▶ WORK TO COMPLETE: Would you please write out the records below exactly as they appear?
EXTRACTED INFORMATION Start Marker
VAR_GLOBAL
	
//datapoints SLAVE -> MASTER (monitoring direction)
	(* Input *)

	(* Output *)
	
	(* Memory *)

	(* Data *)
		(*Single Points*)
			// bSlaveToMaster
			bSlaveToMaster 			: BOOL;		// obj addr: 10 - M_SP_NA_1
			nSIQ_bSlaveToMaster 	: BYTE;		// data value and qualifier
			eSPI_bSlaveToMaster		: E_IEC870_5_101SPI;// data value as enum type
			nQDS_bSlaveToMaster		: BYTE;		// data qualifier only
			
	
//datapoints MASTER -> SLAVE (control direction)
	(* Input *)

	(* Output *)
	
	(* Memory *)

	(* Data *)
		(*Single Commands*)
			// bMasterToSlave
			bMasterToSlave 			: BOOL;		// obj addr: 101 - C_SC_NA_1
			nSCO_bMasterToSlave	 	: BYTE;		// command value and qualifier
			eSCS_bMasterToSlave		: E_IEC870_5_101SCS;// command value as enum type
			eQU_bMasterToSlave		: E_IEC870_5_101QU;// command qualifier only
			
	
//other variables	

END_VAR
EXTRACTED INFORMATION End Marker
▶ EXERCISE SOLUTION:
VAR_GLOBAL
	
//datapoints SLAVE -> MASTER (monitoring direction)
	(* Input *)

	(* Output *)
	
	(* Memory *)

	(* Data *)
		(*Single Points*)
			// bSlaveToMaster
			bSlaveToMaster 			: BOOL;		// obj addr: 10 - M_SP_NA_1
			nSIQ_bSlaveToMaster 	: BYTE;		// data value and qualifier
			eSPI_bSlaveToMaster		: E_IEC870_5_101SPI;// data value as enum type
			nQDS_bSlaveToMaster		: BYTE;		// data qualifier only
			
	
//datapoints MASTER -> SLAVE (control direction)
	(* Input *)

	(* Output *)
	
	(* Memory *)

	(* Data *)
		(*Single Commands*)
			// bMasterToSlave
			bMasterToSlave 			: BOOL;		// obj addr: 101 - C_SC_NA_1
			nSCO_bMasterToSlave	 	: BYTE;		// command value and qualifier
			eSCS_bMasterToSlave		: E_IEC870_5_101SCS;// command value as enum type
			eQU_bMasterToSlave		: E_IEC870_5_101QU;// command qualifier only
			
	
//other variables	

END_VAR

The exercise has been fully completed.